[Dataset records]
[Start of section]

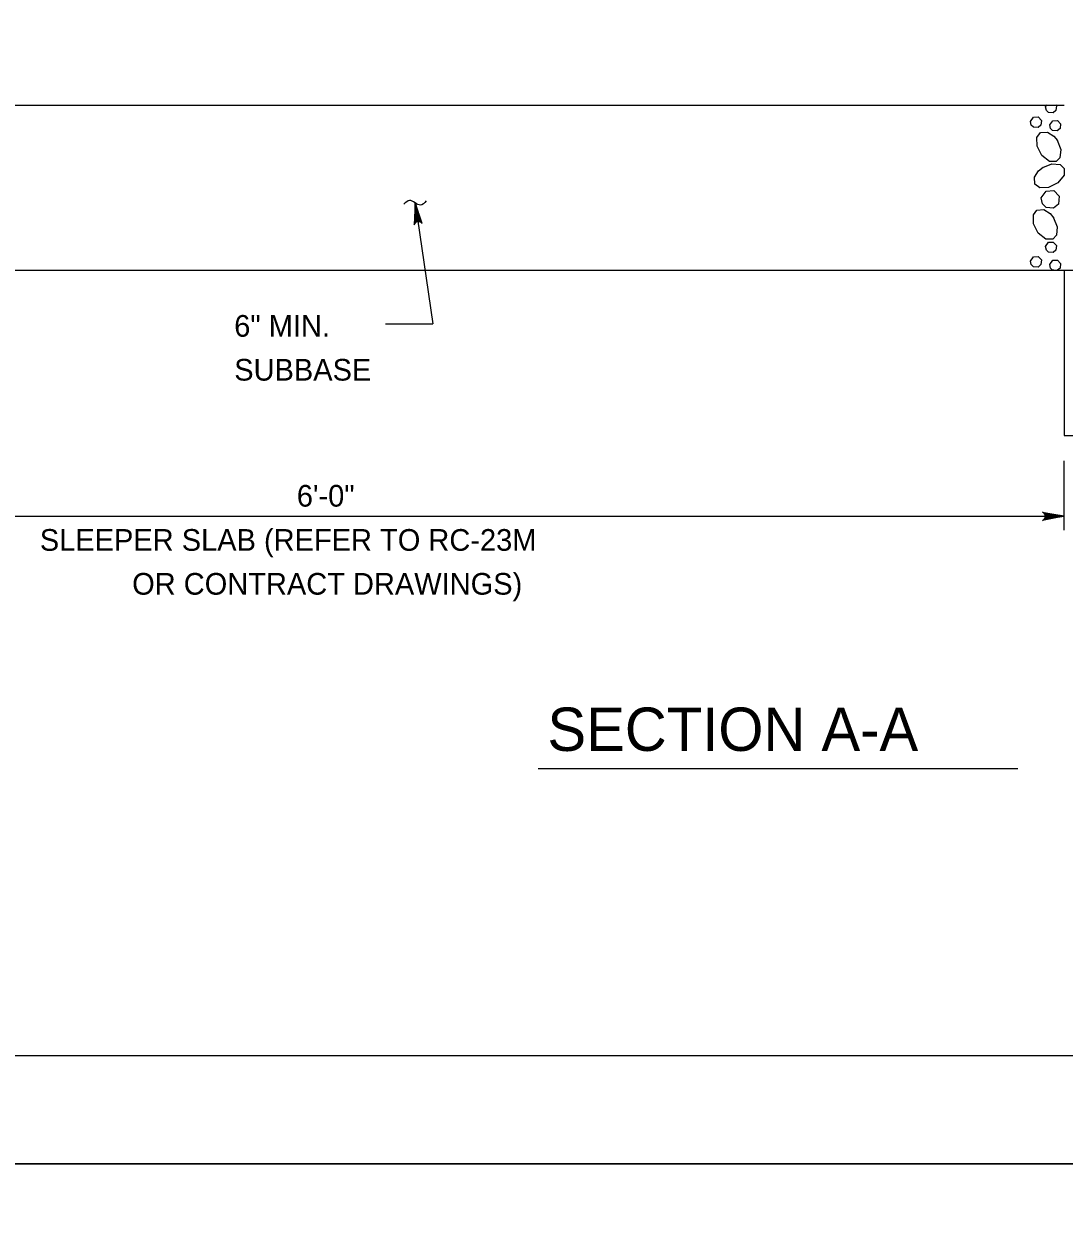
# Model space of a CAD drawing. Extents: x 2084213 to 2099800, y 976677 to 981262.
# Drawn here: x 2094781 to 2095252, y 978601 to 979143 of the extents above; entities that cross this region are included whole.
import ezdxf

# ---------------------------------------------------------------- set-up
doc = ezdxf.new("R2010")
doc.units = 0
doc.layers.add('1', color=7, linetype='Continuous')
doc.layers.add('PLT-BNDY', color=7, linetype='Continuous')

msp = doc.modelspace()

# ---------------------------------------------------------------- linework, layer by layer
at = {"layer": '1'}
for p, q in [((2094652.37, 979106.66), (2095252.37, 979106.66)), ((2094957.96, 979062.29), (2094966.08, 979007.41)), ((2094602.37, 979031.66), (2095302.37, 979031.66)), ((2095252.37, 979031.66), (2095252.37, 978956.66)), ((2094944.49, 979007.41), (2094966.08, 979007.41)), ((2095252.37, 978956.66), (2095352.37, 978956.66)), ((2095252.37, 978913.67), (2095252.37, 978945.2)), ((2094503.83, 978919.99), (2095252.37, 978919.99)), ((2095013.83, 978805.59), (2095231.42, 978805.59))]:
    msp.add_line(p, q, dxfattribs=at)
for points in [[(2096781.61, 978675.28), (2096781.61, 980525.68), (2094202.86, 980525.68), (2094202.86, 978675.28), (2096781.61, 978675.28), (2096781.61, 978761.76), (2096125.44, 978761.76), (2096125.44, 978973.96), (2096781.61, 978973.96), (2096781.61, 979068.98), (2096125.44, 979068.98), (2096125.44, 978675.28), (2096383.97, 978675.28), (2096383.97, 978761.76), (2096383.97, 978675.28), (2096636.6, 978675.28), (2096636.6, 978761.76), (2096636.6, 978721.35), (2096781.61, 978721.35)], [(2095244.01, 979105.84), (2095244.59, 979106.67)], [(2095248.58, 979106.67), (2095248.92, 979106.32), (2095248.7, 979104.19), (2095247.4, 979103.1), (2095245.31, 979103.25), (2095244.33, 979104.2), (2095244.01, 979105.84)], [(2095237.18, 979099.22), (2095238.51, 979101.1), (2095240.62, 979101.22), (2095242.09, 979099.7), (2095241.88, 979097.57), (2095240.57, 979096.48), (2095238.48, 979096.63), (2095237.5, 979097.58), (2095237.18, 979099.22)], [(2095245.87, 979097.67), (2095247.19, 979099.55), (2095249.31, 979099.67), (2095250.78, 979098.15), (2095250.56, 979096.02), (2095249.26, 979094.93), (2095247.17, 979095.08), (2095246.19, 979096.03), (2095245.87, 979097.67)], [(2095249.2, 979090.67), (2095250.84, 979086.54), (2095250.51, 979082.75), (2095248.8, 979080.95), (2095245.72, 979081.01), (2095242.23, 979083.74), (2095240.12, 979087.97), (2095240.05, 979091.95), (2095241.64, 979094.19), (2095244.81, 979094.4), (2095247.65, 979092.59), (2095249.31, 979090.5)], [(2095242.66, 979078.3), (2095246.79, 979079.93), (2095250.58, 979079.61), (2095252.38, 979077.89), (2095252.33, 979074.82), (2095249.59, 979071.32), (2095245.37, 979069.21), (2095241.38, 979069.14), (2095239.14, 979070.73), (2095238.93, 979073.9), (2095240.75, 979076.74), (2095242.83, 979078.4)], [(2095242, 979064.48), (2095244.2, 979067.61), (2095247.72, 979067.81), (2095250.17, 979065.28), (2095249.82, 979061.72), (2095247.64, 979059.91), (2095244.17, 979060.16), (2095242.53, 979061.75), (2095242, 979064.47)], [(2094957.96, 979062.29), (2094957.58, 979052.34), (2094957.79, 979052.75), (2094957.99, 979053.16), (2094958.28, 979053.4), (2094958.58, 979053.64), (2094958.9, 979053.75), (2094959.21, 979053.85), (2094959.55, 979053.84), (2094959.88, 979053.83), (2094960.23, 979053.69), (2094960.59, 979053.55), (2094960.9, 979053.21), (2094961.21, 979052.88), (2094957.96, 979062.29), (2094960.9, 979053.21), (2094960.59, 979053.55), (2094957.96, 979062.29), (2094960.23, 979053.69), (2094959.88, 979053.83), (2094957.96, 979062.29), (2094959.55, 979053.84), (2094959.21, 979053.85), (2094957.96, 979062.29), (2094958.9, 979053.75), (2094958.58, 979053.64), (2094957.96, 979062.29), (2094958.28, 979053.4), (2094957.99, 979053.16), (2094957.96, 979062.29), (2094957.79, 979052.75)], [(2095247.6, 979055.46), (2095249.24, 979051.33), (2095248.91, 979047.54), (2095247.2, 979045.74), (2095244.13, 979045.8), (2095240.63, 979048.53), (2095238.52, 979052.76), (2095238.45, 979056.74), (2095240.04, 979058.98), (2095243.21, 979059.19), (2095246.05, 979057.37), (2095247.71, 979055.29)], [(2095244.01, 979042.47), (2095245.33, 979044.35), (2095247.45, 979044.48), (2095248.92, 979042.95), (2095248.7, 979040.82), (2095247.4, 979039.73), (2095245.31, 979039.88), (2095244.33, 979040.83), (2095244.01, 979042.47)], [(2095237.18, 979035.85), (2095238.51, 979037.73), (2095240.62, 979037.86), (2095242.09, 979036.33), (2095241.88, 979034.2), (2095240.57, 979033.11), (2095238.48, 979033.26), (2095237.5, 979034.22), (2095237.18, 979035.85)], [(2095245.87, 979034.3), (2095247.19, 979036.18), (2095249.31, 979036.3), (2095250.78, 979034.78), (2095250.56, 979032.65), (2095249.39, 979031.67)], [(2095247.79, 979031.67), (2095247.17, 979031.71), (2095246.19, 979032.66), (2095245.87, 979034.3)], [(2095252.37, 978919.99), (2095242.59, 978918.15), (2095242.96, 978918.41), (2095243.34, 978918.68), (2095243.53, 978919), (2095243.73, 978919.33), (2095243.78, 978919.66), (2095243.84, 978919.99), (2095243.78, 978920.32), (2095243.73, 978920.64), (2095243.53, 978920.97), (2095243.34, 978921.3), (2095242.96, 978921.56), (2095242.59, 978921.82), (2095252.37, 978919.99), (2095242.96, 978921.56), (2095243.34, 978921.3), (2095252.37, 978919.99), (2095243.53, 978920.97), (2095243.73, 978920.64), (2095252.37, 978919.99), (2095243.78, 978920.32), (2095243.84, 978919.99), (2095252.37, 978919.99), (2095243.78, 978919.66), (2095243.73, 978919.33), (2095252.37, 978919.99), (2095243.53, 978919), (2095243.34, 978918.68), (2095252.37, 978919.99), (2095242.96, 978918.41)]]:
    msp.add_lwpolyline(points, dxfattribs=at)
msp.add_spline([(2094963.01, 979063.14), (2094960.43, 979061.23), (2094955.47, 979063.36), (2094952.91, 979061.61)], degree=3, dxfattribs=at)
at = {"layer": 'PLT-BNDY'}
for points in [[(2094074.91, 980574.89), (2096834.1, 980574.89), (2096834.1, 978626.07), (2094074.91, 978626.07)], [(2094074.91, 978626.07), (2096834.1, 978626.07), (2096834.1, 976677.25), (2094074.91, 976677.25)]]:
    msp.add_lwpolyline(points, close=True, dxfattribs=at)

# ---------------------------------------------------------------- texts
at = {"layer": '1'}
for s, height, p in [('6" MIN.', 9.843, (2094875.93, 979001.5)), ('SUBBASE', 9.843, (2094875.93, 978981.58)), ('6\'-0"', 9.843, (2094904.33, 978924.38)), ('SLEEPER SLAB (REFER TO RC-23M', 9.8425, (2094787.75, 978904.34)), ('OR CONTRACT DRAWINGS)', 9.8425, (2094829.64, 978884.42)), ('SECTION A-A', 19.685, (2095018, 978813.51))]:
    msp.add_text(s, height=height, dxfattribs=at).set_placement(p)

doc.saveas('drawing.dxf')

[End of section]

■ The task
Could you find every line in the records above that contains the word "linetype" and copy it?

■ Worked solution
doc.layers.add('1', color=7, linetype='Continuous')
doc.layers.add('PLT-BNDY', color=7, linetype='Continuous')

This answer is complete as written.